**EXERCISE PROMPT**
Please return every line from the entries that has the string "Seat" in it.

*** SUPPLIED DATA Section Begins ***

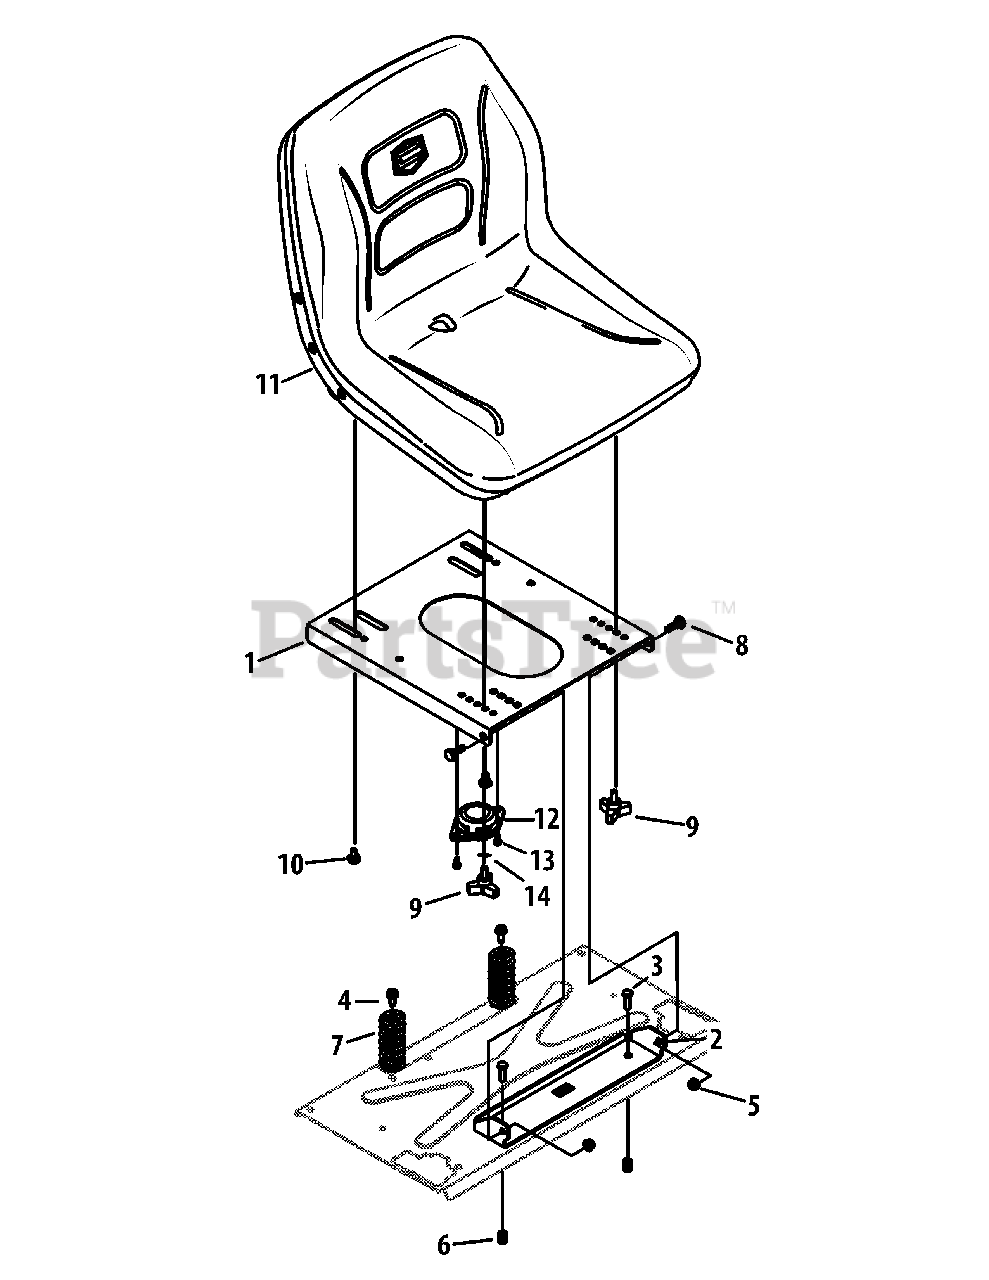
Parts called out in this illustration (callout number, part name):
1	Seat Plate
2	Seat Pivot Bracket
3	Hex Screw, 5/16-18 x 1.00
4	Hex Washer Screw, 5/16-18 x .750
5	Flange Lock Nut, 5/16-18
6	Lock Nut, 5/16-18
7	Compression Spring, 1.71 x 3.25 x .23
8	Soulder Screw, 5/16-18 x .437 x .268
9	Knob, 5/16-18
10	Shoulder Bolt, 5/16-18 x .435 x .160
12	Seat Switch
13	Hex Washer Screw, #12-16 x .50
14	Lock Washer, 5/16
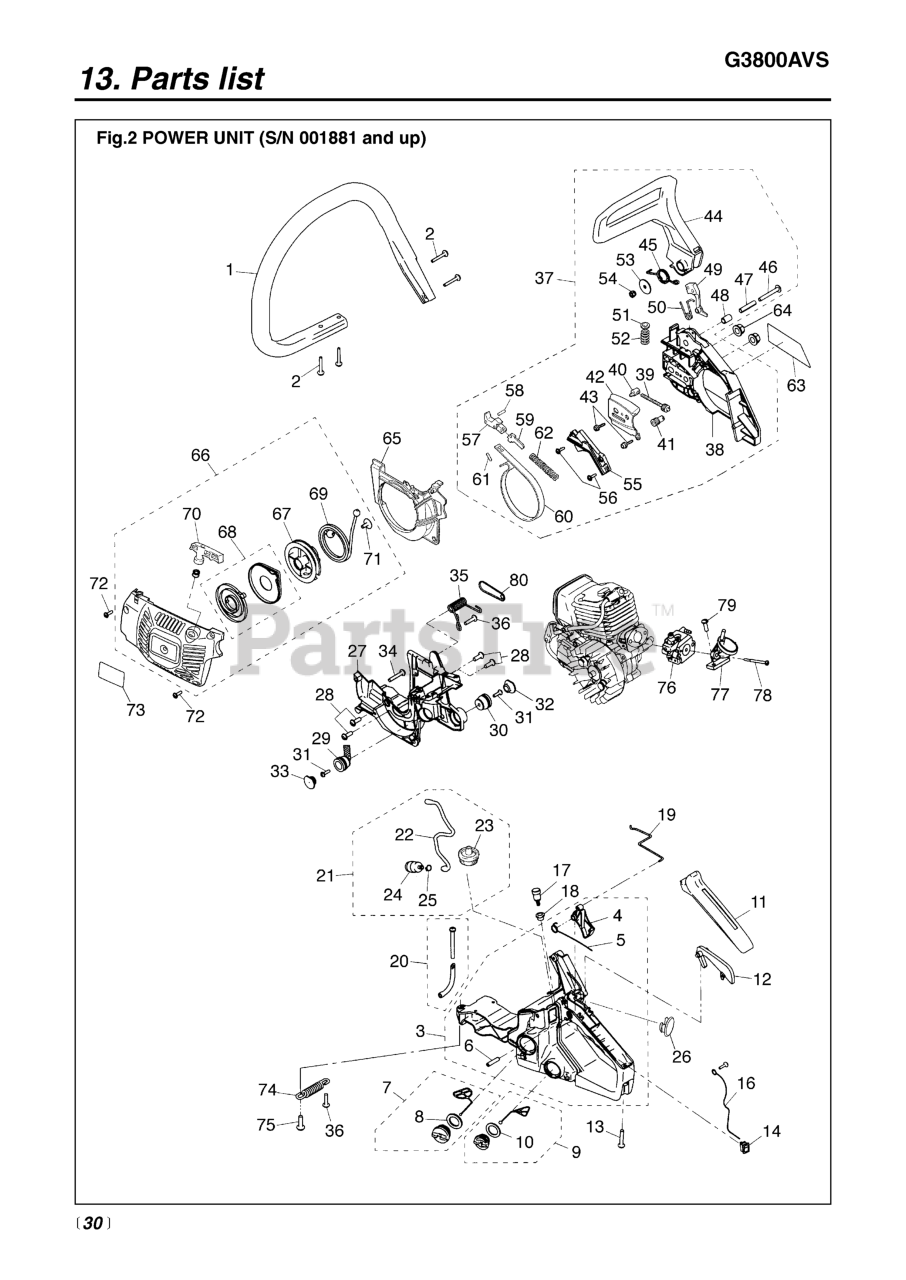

*** SUPPLIED DATA Section Ends ***

**ANSWER SPACE**
1	Seat Plate
2	Seat Pivot Bracket
12	Seat Switch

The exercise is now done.